=== Begin Enclosure ===

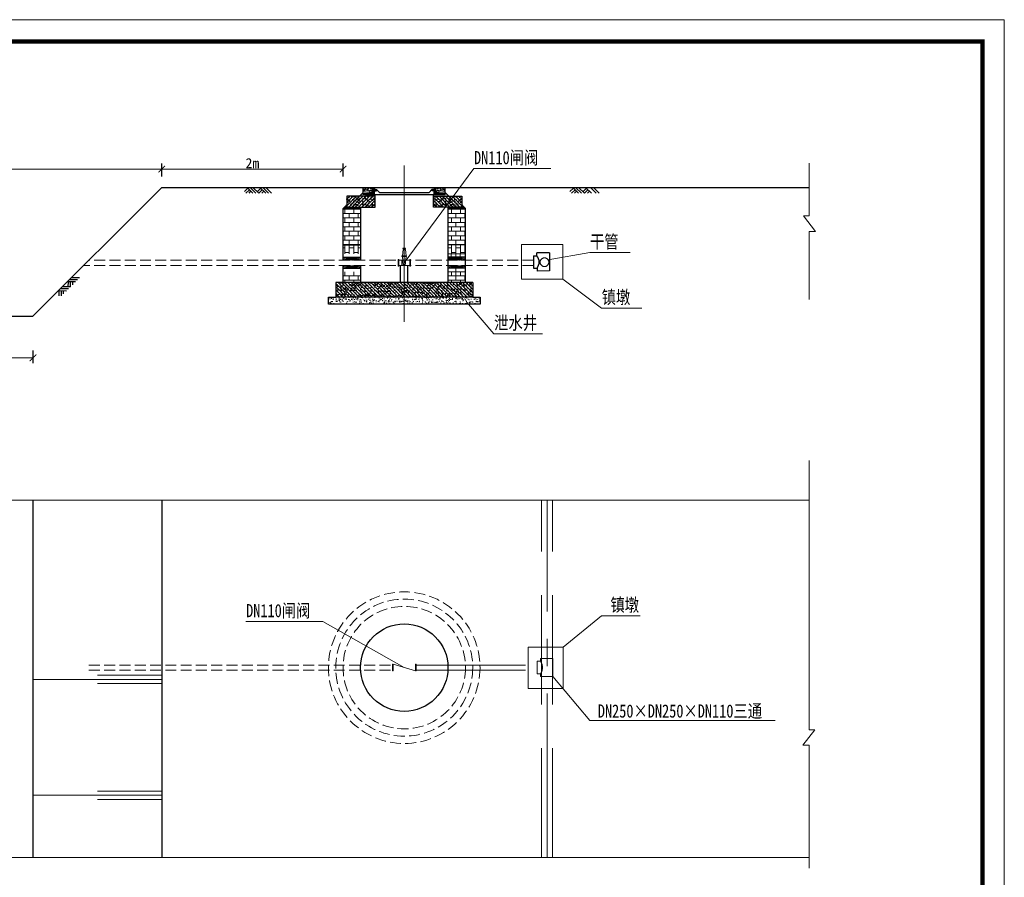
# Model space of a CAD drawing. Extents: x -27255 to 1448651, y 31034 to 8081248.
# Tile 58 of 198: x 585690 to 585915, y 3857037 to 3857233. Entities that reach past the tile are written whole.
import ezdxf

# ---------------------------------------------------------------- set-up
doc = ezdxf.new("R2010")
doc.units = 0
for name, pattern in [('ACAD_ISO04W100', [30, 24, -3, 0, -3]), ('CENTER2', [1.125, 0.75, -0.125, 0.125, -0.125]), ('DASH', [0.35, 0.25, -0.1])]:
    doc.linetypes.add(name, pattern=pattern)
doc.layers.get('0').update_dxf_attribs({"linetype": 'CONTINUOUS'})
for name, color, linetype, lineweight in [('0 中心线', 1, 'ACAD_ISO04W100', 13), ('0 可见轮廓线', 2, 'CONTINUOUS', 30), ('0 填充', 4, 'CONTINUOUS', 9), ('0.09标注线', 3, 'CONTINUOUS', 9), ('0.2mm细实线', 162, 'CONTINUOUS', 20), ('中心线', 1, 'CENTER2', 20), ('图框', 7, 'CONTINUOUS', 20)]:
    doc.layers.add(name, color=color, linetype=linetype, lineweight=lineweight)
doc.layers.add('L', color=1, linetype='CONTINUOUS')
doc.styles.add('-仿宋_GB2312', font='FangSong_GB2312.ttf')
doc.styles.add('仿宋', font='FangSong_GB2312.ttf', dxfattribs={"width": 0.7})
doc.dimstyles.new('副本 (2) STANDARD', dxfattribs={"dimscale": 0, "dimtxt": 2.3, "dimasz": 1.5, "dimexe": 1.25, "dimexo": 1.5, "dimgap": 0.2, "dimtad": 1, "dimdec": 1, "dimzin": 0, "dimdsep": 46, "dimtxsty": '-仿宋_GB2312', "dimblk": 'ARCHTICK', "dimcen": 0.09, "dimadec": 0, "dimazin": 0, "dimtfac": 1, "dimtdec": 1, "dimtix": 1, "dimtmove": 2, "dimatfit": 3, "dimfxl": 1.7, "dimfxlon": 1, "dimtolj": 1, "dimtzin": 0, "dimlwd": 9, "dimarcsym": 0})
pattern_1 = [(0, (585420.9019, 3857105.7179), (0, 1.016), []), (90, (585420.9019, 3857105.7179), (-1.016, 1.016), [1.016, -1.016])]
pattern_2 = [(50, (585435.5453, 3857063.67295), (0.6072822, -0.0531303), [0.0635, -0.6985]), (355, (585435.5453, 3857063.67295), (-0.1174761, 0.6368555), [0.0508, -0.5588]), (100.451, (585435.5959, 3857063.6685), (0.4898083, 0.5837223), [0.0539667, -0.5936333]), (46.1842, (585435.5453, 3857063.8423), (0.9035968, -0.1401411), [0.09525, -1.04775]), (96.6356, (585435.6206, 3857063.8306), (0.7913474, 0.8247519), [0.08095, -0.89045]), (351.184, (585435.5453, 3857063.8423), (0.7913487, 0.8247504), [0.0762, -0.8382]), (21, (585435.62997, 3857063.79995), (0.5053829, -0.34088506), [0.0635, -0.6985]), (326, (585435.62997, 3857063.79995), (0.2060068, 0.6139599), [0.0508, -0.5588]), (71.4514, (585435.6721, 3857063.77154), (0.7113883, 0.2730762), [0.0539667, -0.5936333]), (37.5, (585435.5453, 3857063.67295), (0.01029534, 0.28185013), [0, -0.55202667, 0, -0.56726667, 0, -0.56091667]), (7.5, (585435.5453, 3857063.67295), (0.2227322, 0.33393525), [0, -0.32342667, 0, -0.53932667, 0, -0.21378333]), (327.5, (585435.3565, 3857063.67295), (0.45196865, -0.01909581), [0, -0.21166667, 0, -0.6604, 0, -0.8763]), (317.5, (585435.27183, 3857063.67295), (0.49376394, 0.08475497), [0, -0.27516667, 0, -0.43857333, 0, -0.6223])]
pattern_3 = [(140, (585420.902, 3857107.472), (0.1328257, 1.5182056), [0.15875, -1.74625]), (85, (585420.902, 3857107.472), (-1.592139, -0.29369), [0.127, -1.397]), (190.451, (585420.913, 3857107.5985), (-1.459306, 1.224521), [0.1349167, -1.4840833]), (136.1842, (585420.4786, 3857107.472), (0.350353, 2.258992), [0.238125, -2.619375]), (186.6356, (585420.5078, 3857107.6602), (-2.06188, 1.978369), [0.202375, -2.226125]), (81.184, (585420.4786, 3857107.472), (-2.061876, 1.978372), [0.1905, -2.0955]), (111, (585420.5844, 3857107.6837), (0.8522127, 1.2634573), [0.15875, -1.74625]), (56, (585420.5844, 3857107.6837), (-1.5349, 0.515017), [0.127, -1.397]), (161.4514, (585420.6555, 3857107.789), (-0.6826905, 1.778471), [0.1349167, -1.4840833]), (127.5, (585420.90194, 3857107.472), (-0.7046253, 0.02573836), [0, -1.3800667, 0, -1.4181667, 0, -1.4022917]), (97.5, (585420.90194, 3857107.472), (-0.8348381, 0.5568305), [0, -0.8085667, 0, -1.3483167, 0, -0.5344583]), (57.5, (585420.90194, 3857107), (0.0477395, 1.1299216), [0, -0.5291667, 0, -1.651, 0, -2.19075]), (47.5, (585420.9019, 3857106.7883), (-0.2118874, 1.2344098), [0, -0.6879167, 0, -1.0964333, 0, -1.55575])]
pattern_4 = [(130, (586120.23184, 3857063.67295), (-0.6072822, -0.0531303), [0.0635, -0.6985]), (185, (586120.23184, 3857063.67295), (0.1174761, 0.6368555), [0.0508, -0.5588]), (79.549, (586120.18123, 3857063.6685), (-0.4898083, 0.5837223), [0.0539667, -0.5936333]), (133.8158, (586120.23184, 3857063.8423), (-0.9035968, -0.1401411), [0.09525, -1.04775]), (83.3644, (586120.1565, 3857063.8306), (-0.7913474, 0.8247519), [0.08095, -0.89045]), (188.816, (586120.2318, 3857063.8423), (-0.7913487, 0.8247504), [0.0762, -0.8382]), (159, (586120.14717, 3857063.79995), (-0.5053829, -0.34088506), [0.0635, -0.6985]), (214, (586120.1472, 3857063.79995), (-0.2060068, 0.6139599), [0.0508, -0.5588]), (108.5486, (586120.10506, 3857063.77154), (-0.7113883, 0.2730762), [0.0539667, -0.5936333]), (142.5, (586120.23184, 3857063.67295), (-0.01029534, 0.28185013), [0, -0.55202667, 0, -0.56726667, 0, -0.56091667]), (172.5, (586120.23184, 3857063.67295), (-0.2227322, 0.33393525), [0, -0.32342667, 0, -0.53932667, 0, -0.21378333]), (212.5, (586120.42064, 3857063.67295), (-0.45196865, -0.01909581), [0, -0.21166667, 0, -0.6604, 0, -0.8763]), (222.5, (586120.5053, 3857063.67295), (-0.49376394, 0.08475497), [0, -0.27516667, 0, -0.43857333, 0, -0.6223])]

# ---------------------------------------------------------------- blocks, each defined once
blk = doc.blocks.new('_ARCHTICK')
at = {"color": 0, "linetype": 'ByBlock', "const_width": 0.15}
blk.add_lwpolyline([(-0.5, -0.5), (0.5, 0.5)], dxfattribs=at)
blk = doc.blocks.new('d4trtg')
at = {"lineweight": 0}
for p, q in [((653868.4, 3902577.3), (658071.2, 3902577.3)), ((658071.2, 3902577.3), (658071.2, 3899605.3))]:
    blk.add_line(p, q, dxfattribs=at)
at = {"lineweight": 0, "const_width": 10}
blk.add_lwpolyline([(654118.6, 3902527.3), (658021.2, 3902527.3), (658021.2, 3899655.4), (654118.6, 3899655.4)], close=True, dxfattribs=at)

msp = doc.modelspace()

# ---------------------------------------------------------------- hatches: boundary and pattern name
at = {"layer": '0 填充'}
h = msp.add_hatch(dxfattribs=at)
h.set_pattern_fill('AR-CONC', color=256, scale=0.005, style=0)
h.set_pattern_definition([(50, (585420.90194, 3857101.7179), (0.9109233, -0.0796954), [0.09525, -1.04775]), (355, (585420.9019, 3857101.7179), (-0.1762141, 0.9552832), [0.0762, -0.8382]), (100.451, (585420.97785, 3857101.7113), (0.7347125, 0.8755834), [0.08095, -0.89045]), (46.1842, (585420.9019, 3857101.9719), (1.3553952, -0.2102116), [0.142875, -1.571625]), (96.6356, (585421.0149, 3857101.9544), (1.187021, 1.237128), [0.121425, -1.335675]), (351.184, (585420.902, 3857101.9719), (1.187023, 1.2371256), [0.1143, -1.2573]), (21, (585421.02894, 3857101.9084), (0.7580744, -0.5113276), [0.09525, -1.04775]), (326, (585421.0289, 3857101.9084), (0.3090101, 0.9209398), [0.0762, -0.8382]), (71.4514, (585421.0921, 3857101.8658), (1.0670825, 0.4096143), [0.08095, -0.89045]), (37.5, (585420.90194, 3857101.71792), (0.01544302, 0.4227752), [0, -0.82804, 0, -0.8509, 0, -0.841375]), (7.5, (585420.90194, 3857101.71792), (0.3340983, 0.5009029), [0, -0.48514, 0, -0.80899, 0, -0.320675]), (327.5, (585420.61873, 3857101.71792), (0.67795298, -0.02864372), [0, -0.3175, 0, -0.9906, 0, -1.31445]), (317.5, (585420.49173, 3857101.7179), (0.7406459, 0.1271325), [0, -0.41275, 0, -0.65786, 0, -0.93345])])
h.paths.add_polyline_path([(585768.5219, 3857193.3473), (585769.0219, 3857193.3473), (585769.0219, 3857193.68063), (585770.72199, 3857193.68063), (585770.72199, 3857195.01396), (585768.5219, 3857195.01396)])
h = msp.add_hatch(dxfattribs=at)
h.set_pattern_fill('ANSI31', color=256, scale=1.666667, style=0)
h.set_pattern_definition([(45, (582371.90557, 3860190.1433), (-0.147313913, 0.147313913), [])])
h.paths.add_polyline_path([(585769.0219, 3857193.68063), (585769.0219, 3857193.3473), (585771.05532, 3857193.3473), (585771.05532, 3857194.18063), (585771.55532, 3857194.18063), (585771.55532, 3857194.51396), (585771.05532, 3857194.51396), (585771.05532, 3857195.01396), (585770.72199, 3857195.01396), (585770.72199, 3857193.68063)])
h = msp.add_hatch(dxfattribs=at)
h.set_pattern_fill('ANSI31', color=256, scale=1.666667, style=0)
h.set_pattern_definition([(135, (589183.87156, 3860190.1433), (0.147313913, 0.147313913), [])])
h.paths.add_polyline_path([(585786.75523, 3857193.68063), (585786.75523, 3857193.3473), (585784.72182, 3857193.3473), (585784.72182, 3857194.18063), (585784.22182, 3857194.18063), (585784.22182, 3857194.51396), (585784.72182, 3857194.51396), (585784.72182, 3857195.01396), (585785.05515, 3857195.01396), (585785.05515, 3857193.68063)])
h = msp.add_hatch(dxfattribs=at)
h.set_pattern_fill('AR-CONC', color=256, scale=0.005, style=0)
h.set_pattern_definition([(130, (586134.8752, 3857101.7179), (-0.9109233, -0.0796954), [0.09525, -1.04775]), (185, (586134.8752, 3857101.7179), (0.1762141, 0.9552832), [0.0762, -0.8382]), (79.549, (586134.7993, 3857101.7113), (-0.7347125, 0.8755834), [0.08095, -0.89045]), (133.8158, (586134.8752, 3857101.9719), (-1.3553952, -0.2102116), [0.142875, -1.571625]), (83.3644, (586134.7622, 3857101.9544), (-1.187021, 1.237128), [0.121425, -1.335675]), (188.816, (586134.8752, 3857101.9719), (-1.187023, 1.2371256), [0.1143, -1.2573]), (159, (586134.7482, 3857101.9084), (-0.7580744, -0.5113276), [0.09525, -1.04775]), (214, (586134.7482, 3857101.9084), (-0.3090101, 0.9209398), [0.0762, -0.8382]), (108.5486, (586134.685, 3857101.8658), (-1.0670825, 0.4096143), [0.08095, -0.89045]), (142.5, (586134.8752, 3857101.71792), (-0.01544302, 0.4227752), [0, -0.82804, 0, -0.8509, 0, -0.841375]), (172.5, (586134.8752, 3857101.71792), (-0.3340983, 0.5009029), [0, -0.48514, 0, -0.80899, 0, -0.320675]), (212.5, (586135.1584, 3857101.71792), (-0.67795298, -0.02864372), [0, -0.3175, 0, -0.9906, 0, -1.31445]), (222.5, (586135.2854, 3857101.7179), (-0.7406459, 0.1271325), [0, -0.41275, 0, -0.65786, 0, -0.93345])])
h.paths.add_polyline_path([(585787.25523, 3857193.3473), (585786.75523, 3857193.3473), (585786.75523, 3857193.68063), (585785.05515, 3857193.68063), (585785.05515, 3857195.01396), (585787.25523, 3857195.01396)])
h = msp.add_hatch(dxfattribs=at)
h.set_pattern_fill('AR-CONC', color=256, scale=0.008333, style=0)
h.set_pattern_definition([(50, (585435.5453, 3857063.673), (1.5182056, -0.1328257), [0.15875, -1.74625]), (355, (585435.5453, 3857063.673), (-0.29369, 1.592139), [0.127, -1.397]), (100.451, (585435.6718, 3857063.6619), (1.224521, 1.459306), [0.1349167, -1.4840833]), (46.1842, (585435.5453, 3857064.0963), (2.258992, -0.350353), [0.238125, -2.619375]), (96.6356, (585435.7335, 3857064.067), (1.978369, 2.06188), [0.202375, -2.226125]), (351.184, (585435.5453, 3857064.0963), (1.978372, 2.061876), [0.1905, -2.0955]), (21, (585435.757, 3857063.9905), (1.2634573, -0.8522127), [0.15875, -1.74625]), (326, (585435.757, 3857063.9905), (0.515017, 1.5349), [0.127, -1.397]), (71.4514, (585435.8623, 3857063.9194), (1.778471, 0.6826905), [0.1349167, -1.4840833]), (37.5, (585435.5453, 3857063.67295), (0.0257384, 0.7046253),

=== End Enclosure ===

Find the word "layers" in the entries, then copy out every line that has it.

doc.layers.get('0').update_dxf_attribs({"linetype": 'CONTINUOUS'})
    doc.layers.add(name, color=color, linetype=linetype, lineweight=lineweight)
doc.layers.add('L', color=1, linetype='CONTINUOUS')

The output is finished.